### RECORDS FOR THE TASK
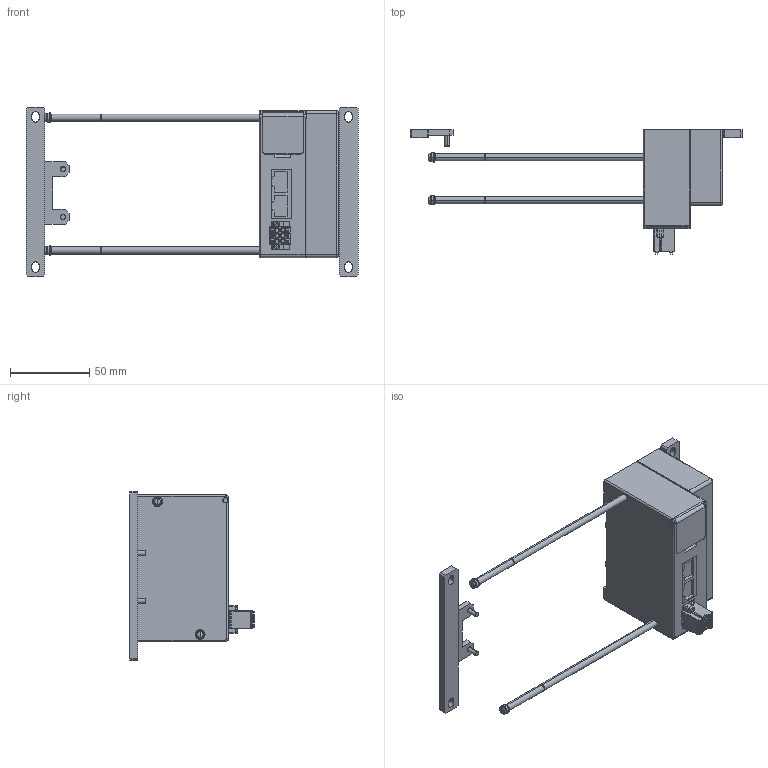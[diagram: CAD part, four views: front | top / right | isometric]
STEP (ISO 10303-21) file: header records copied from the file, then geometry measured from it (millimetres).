
FILE_DESCRIPTION( (''), '2;1');
FILE_NAME ('YS8EK3-6.stp','2022-12-01T14:39:42',(''),(''),'spGate 12.6.6','','');
FILE_SCHEMA (('AUTOMOTIVE_DESIGN'));
Length unit declared in the file: millimetre
Products named in the file (3): Assembly; YS8EK3-6-prt0; YS8EK3-6-prt1
Assembly tree (3 placements, depth 2):
  Assembly
    YS8EK3-6-prt0  x2
    YS8EK3-6-prt1
Bounding box: 210 x 78.8 x 107 mm (x, y, z)
Volume: 272902.9 mm3; surface area: 45053.6 mm2
Topology: 3 solids, 3 shells, 833 faces, 2143 edges, 1367 vertices
Faces by surface type: plane 501, cylinder 242, bspline 78, sphere 12
Entity records: 40297 total; most frequent: CARTESIAN_POINT 5605, ORIENTED_EDGE 3982, DIRECTION 3733, COLOUR_RGB 2768, PRESENTATION_STYLE_ASSIGNMENT 2768, STYLED_ITEM 2768, EDGE_CURVE 1991, DRAUGHTING_PRE_DEFINED_CURVE_FONT 1991
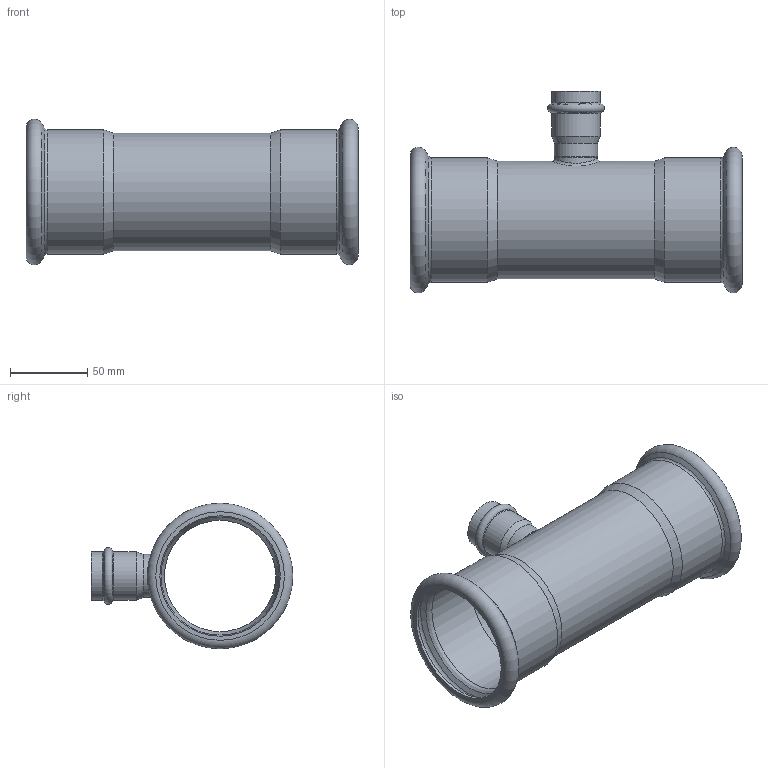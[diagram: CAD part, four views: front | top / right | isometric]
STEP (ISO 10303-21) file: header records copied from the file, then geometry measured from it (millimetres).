
FILE_DESCRIPTION((''),'2;1');
FILE_NAME('G:\Nirosan-Schmiedefeld\Technics\CAD\Bauteile VA\076\69130762876(2).stp','2010-03-31T11:42:53',('herberg'),(''),'Autodesk Inventor 2009','Autodesk Inventor 2009','');
FILE_SCHEMA(('AUTOMOTIVE_DESIGN { 1 0 10303 214 1 1 1 1 }'));
Length unit declared in the file: millimetre
Products named in the file (3): 69130762876(2); LM_69130762876(1); HM_6924328(1)
Assembly tree (2 placements, depth 2):
  69130762876(2)
    LM_69130762876(1)
    HM_6924328(1)
Bounding box: 215 x 130.65 x 94.3 mm (x, y, z)
Volume: 118820.3 mm3; surface area: 122361.9 mm2
Topology: 2 solids, 2 shells, 51 faces, 105 edges, 60 vertices
Faces by surface type: cylinder 16, cone 12, bspline 10, plane 7, torus 6
Full cylindrical faces by diameter (mm): 24 x1, 25 x1, 28 x2, 28.2 x2, 31.2 x2, 72.1 x1, 76.1 x1, 76.6 x2, 78 x2, 80.6 x2
Entity records: 2811 total; most frequent: CARTESIAN_POINT 1879, DIRECTION 190, ORIENTED_EDGE 108, EDGE_LOOP 102, AXIS2_PLACEMENT_3D 95, EDGE_CURVE 54, VERTEX_POINT 52, FACE_OUTER_BOUND 51
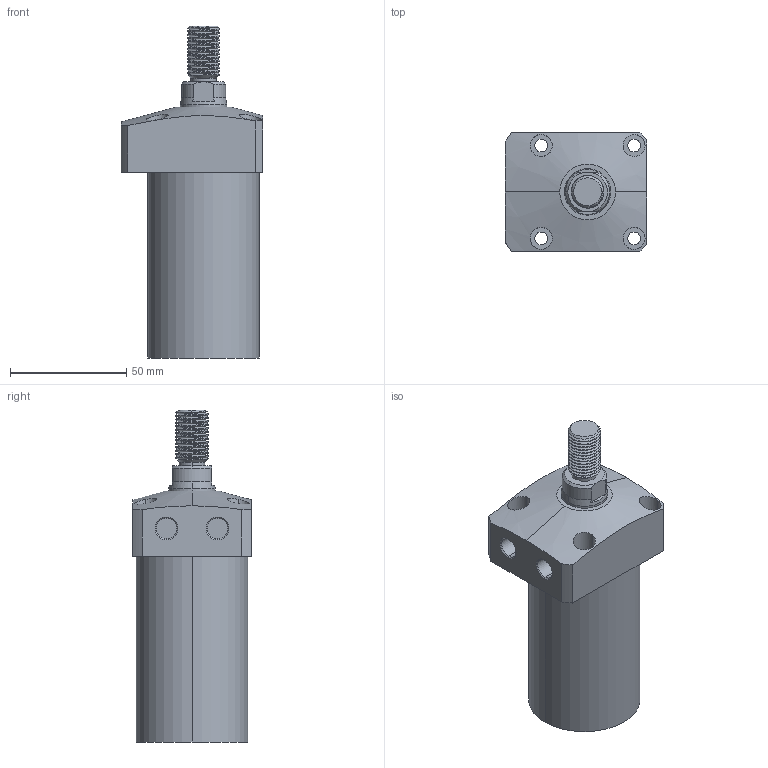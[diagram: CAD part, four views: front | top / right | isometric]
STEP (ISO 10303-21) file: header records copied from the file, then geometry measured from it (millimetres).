
FILE_DESCRIPTION (( 'STEP AP203' ), '1' );
FILE_NAME ('CLL-048CT-070.STEP', '2020-01-10T01:16:45', ( '' ), ( '' ), 'SwSTEP 2.0', 'SolidWorks 2015', '' );
FILE_SCHEMA (( 'CONFIG_CONTROL_DESIGN' ));
Length unit declared in the file: millimetre
Products named in the file (1): CLL-048CT-070
Bounding box: 61 x 51 x 143 mm (x, y, z)
Volume: 223798 mm3; surface area: 28028.8 mm2
Topology: 1 solids, 1 shells, 105 faces, 262 edges, 170 vertices
Faces by surface type: cylinder 63, plane 24, cone 16, bspline 2
Entity records: 5135 total; most frequent: CARTESIAN_POINT 2691, ORIENTED_EDGE 524, DIRECTION 464, EDGE_CURVE 262, AXIS2_PLACEMENT_3D 184, VERTEX_POINT 170, EDGE_LOOP 124, FACE_OUTER_BOUND 105
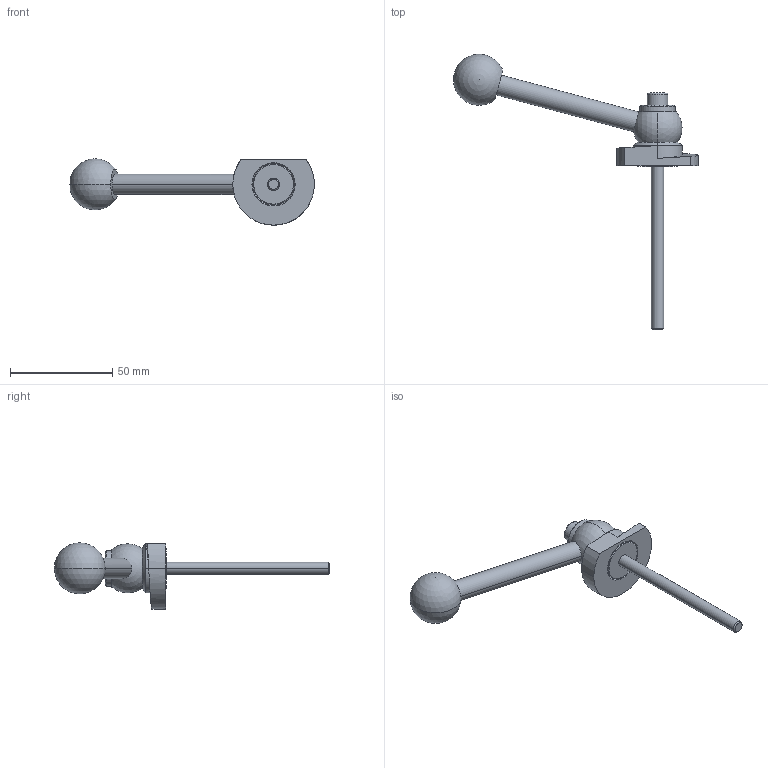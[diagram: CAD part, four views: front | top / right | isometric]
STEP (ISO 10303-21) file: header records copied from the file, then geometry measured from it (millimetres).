
FILE_DESCRIPTION (( 'STEP AP214' ), '1' );
FILE_NAME ('918.1-40-KVS-R-80.step', '2024-05-15T13:00:39', ( '' ), ( '' ), 'SwSTEP 2.0', 'SolidWorks 2022', '' );
FILE_SCHEMA (( 'AUTOMOTIVE_DESIGN' ));
Length unit declared in the file: millimetre
Products named in the file (1): 918.1-40-KVS-R-80
Bounding box: 119.95 x 134.99 x 32.5 mm (x, y, z)
Volume: 32012.1 mm3; surface area: 12344 mm2
Topology: 1 solids, 1 shells, 64 faces, 147 edges, 93 vertices
Faces by surface type: cylinder 22, plane 20, cone 14, sphere 4, torus 2, bspline 2
Entity records: 2045 total; most frequent: CARTESIAN_POINT 590, DIRECTION 321, ORIENTED_EDGE 274, EDGE_CURVE 137, AXIS2_PLACEMENT_3D 131, VERTEX_POINT 87, EDGE_LOOP 76, CIRCLE 68
######
## WHAT THE TASK ASKS
If an entry contains a picture, omit it; restate everything else word for word.

## YOUR RESPONSE
[diagram: CAD part, four views: front | top / right | isometric]
STEP (ISO 10303-21) file: header records copied from the file, then geometry measured from it (millimetres).
FILE_DESCRIPTION( (''), '2;1');
FILE_NAME ('YS8EK3-6.stp','2022-12-01T14:39:42',(''),(''),'spGate 12.6.6','','');
FILE_SCHEMA (('AUTOMOTIVE_DESIGN'));
Length unit declared in the file: millimetre
Products named in the file (3): Assembly; YS8EK3-6-prt0; YS8EK3-6-prt1
Assembly tree (3 placements, depth 2):
  Assembly
    YS8EK3-6-prt0  x2
    YS8EK3-6-prt1
Bounding box: 210 x 78.8 x 107 mm (x, y, z)
Volume: 272902.9 mm3; surface area: 45053.6 mm2
Topology: 3 solids, 3 shells, 833 faces, 2143 edges, 1367 vertices
Faces by surface type: plane 501, cylinder 242, bspline 78, sphere 12
Entity records: 40297 total; most frequent: CARTESIAN_POINT 5605, ORIENTED_EDGE 3982, DIRECTION 3733, COLOUR_RGB 2768, PRESENTATION_STYLE_ASSIGNMENT 2768, STYLED_ITEM 2768, EDGE_CURVE 1991, DRAUGHTING_PRE_DEFINED_CURVE_FONT 1991
[diagram: CAD part, four views: front | top / right | isometric]
STEP (ISO 10303-21) file: header records copied from the file, then geometry measured from it (millimetres).
FILE_DESCRIPTION((''),'2;1');
FILE_NAME('G:\Nirosan-Schmiedefeld\Technics\CAD\Bauteile VA\076\69130762876(2).stp','2010-03-31T11:42:53',('herberg'),(''),'Autodesk Inventor 2009','Autodesk Inventor 2009','');
FILE_SCHEMA(('AUTOMOTIVE_DESIGN { 1 0 10303 214 1 1 1 1 }'));
Length unit declared in the file: millimetre
Products named in the file (3): 69130762876(2); LM_69130762876(1); HM_6924328(1)
Assembly tree (2 placements, depth 2):
  69130762876(2)
    LM_69130762876(1)
    HM_6924328(1)
Bounding box: 215 x 130.65 x 94.3 mm (x, y, z)
Volume: 118820.3 mm3; surface area: 122361.9 mm2
Topology: 2 solids, 2 shells, 51 faces, 105 edges, 60 vertices
Faces by surface type: cylinder 16, cone 12, bspline 10, plane 7, torus 6
Full cylindrical faces by diameter (mm): 24 x1, 25 x1, 28 x2, 28.2 x2, 31.2 x2, 72.1 x1, 76.1 x1, 76.6 x2, 78 x2, 80.6 x2
Entity records: 2811 total; most frequent: CARTESIAN_POINT 1879, DIRECTION 190, ORIENTED_EDGE 108, EDGE_LOOP 102, AXIS2_PLACEMENT_3D 95, EDGE_CURVE 54, VERTEX_POINT 52, FACE_OUTER_BOUND 51
[diagram: CAD part, four views: front | top / right | isometric]
STEP (ISO 10303-21) file: header records copied from the file, then geometry measured from it (millimetres).
FILE_DESCRIPTION (( 'STEP AP203' ), '1' );
FILE_NAME ('CLL-048CT-070.STEP', '2020-01-10T01:16:45', ( '' ), ( '' ), 'SwSTEP 2.0', 'SolidWorks 2015', '' );
FILE_SCHEMA (( 'CONFIG_CONTROL_DESIGN' ));
Length unit declared in the file: millimetre
Products named in the file (1): CLL-048CT-070
Bounding box: 61 x 51 x 143 mm (x, y, z)
Volume: 223798 mm3; surface area: 28028.8 mm2
Topology: 1 solids, 1 shells, 105 faces, 262 edges, 170 vertices
Faces by surface type: cylinder 63, plane 24, cone 16, bspline 2
Entity records: 5135 total; most frequent: CARTESIAN_POINT 2691, ORIENTED_EDGE 524, DIRECTION 464, EDGE_CURVE 262, AXIS2_PLACEMENT_3D 184, VERTEX_POINT 170, EDGE_LOOP 124, FACE_OUTER_BOUND 105
[diagram: CAD part, four views: front | top / right | isometric]
STEP (ISO 10303-21) file: header records copied from the file, then geometry measured from it (millimetres).
FILE_DESCRIPTION (( 'STEP AP214' ), '1' );
FILE_NAME ('918.1-40-KVS-R-80.step', '2024-05-15T13:00:39', ( '' ), ( '' ), 'SwSTEP 2.0', 'SolidWorks 2022', '' );
FILE_SCHEMA (( 'AUTOMOTIVE_DESIGN' ));
Length unit declared in the file: millimetre
Products named in the file (1): 918.1-40-KVS-R-80
Bounding box: 119.95 x 134.99 x 32.5 mm (x, y, z)
Volume: 32012.1 mm3; surface area: 12344 mm2
Topology: 1 solids, 1 shells, 64 faces, 147 edges, 93 vertices
Faces by surface type: cylinder 22, plane 20, cone 14, sphere 4, torus 2, bspline 2
Entity records: 2045 total; most frequent: CARTESIAN_POINT 590, DIRECTION 321, ORIENTED_EDGE 274, EDGE_CURVE 137, AXIS2_PLACEMENT_3D 131, VERTEX_POINT 87, EDGE_LOOP 76, CIRCLE 68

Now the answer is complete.